Task objective | Each record needs to be retyped exactly, though its pictures should not appear.

Entries supplied |
● ● ●
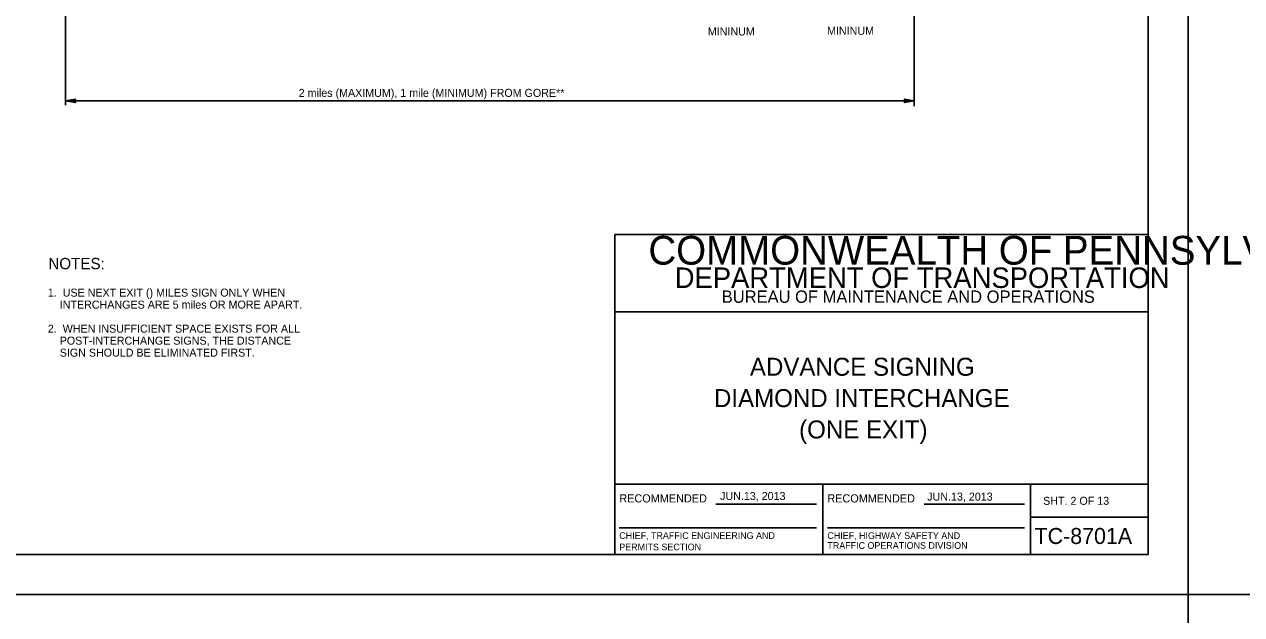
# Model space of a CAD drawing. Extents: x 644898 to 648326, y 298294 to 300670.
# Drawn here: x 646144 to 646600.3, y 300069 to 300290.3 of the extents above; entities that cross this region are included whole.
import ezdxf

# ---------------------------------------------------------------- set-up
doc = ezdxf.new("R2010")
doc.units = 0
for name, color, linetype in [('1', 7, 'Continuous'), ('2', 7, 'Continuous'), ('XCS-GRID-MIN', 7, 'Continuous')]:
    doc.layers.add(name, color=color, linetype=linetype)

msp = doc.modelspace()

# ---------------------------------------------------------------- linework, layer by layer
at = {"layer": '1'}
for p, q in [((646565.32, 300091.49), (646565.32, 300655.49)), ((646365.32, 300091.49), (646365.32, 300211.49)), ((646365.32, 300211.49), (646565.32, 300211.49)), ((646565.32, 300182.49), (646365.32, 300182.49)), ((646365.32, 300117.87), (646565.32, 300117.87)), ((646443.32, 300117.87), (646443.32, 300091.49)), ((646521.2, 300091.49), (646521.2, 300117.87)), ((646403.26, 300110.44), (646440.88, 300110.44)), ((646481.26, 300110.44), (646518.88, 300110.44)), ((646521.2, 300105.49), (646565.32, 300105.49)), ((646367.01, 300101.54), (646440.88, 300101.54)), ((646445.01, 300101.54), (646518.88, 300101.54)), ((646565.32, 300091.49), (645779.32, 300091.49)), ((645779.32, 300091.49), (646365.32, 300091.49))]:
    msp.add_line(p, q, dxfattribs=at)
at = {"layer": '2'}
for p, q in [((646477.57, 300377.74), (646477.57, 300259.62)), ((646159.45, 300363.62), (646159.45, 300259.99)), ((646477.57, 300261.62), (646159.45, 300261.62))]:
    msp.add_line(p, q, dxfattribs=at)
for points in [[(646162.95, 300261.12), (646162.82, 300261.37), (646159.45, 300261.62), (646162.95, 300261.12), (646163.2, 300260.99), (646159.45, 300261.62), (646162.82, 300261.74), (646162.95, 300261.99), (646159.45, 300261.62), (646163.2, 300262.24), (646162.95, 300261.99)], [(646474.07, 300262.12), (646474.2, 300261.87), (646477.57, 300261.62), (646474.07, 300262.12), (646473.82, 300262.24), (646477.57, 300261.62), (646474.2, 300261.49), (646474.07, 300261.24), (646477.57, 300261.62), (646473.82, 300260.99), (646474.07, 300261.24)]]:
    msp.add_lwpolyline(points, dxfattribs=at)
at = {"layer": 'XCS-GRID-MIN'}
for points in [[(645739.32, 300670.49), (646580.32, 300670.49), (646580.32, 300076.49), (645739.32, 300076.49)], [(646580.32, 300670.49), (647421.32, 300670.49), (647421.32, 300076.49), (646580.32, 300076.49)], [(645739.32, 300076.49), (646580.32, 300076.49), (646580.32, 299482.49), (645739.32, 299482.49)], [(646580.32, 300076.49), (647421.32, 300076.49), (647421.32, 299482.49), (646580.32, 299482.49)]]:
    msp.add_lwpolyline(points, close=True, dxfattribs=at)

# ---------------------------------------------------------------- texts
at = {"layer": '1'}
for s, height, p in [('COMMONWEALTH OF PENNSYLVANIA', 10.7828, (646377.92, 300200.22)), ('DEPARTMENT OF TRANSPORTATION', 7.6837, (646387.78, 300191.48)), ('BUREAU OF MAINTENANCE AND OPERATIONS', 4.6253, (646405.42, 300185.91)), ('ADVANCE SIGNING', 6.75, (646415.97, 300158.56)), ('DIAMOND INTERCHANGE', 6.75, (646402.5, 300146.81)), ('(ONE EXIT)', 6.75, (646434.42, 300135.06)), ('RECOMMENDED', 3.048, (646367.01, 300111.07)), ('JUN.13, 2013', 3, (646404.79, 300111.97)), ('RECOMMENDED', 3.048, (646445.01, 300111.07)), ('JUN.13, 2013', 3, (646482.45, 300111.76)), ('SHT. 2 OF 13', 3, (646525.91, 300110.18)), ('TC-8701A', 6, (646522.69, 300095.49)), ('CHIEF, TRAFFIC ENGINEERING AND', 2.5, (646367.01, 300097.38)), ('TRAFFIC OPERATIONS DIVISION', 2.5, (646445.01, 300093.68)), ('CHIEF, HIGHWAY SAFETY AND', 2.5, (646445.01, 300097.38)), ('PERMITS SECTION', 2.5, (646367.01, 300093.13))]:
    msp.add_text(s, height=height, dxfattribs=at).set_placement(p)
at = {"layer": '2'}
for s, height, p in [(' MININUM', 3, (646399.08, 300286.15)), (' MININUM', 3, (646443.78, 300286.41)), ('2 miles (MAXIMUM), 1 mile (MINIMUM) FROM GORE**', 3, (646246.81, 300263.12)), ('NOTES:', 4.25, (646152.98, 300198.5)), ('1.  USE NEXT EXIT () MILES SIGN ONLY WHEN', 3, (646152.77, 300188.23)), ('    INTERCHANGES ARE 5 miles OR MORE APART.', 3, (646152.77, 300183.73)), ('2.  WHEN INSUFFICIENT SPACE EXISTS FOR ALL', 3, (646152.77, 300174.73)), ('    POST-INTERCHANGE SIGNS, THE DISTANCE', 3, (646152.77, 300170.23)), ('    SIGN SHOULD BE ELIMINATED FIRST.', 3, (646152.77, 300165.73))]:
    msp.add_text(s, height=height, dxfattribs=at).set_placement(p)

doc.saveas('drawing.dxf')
● ● ●
Answer box |
# Model space of a CAD drawing. Extents: x 644898 to 648326, y 298294 to 300670.
# Drawn here: x 646144 to 646600.3, y 300069 to 300290.3 of the extents above; entities that cross this region are included whole.
import ezdxf

# ---------------------------------------------------------------- set-up
doc = ezdxf.new("R2010")
doc.units = 0
for name, color, linetype in [('1', 7, 'Continuous'), ('2', 7, 'Continuous'), ('XCS-GRID-MIN', 7, 'Continuous')]:
    doc.layers.add(name, color=color, linetype=linetype)

msp = doc.modelspace()

# ---------------------------------------------------------------- linework, layer by layer
at = {"layer": '1'}
for p, q in [((646565.32, 300091.49), (646565.32, 300655.49)), ((646365.32, 300091.49), (646365.32, 300211.49)), ((646365.32, 300211.49), (646565.32, 300211.49)), ((646565.32, 300182.49), (646365.32, 300182.49)), ((646365.32, 300117.87), (646565.32, 300117.87)), ((646443.32, 300117.87), (646443.32, 300091.49)), ((646521.2, 300091.49), (646521.2, 300117.87)), ((646403.26, 300110.44), (646440.88, 300110.44)), ((646481.26, 300110.44), (646518.88, 300110.44)), ((646521.2, 300105.49), (646565.32, 300105.49)), ((646367.01, 300101.54), (646440.88, 300101.54)), ((646445.01, 300101.54), (646518.88, 300101.54)), ((646565.32, 300091.49), (645779.32, 300091.49)), ((645779.32, 300091.49), (646365.32, 300091.49))]:
    msp.add_line(p, q, dxfattribs=at)
at = {"layer": '2'}
for p, q in [((646477.57, 300377.74), (646477.57, 300259.62)), ((646159.45, 300363.62), (646159.45, 300259.99)), ((646477.57, 300261.62), (646159.45, 300261.62))]:
    msp.add_line(p, q, dxfattribs=at)
for points in [[(646162.95, 300261.12), (646162.82, 300261.37), (646159.45, 300261.62), (646162.95, 300261.12), (646163.2, 300260.99), (646159.45, 300261.62), (646162.82, 300261.74), (646162.95, 300261.99), (646159.45, 300261.62), (646163.2, 300262.24), (646162.95, 300261.99)], [(646474.07, 300262.12), (646474.2, 300261.87), (646477.57, 300261.62), (646474.07, 300262.12), (646473.82, 300262.24), (646477.57, 300261.62), (646474.2, 300261.49), (646474.07, 300261.24), (646477.57, 300261.62), (646473.82, 300260.99), (646474.07, 300261.24)]]:
    msp.add_lwpolyline(points, dxfattribs=at)
at = {"layer": 'XCS-GRID-MIN'}
for points in [[(645739.32, 300670.49), (646580.32, 300670.49), (646580.32, 300076.49), (645739.32, 300076.49)], [(646580.32, 300670.49), (647421.32, 300670.49), (647421.32, 300076.49), (646580.32, 300076.49)], [(645739.32, 300076.49), (646580.32, 300076.49), (646580.32, 299482.49), (645739.32, 299482.49)], [(646580.32, 300076.49), (647421.32, 300076.49), (647421.32, 299482.49), (646580.32, 299482.49)]]:
    msp.add_lwpolyline(points, close=True, dxfattribs=at)

# ---------------------------------------------------------------- texts
at = {"layer": '1'}
for s, height, p in [('COMMONWEALTH OF PENNSYLVANIA', 10.7828, (646377.92, 300200.22)), ('DEPARTMENT OF TRANSPORTATION', 7.6837, (646387.78, 300191.48)), ('BUREAU OF MAINTENANCE AND OPERATIONS', 4.6253, (646405.42, 300185.91)), ('ADVANCE SIGNING', 6.75, (646415.97, 300158.56)), ('DIAMOND INTERCHANGE', 6.75, (646402.5, 300146.81)), ('(ONE EXIT)', 6.75, (646434.42, 300135.06)), ('RECOMMENDED', 3.048, (646367.01, 300111.07)), ('JUN.13, 2013', 3, (646404.79, 300111.97)), ('RECOMMENDED', 3.048, (646445.01, 300111.07)), ('JUN.13, 2013', 3, (646482.45, 300111.76)), ('SHT. 2 OF 13', 3, (646525.91, 300110.18)), ('TC-8701A', 6, (646522.69, 300095.49)), ('CHIEF, TRAFFIC ENGINEERING AND', 2.5, (646367.01, 300097.38)), ('TRAFFIC OPERATIONS DIVISION', 2.5, (646445.01, 300093.68)), ('CHIEF, HIGHWAY SAFETY AND', 2.5, (646445.01, 300097.38)), ('PERMITS SECTION', 2.5, (646367.01, 300093.13))]:
    msp.add_text(s, height=height, dxfattribs=at).set_placement(p)
at = {"layer": '2'}
for s, height, p in [(' MININUM', 3, (646399.08, 300286.15)), (' MININUM', 3, (646443.78, 300286.41)), ('2 miles (MAXIMUM), 1 mile (MINIMUM) FROM GORE**', 3, (646246.81, 300263.12)), ('NOTES:', 4.25, (646152.98, 300198.5)), ('1.  USE NEXT EXIT () MILES SIGN ONLY WHEN', 3, (646152.77, 300188.23)), ('    INTERCHANGES ARE 5 miles OR MORE APART.', 3, (646152.77, 300183.73)), ('2.  WHEN INSUFFICIENT SPACE EXISTS FOR ALL', 3, (646152.77, 300174.73)), ('    POST-INTERCHANGE SIGNS, THE DISTANCE', 3, (646152.77, 300170.23)), ('    SIGN SHOULD BE ELIMINATED FIRST.', 3, (646152.77, 300165.73))]:
    msp.add_text(s, height=height, dxfattribs=at).set_placement(p)

doc.saveas('drawing.dxf')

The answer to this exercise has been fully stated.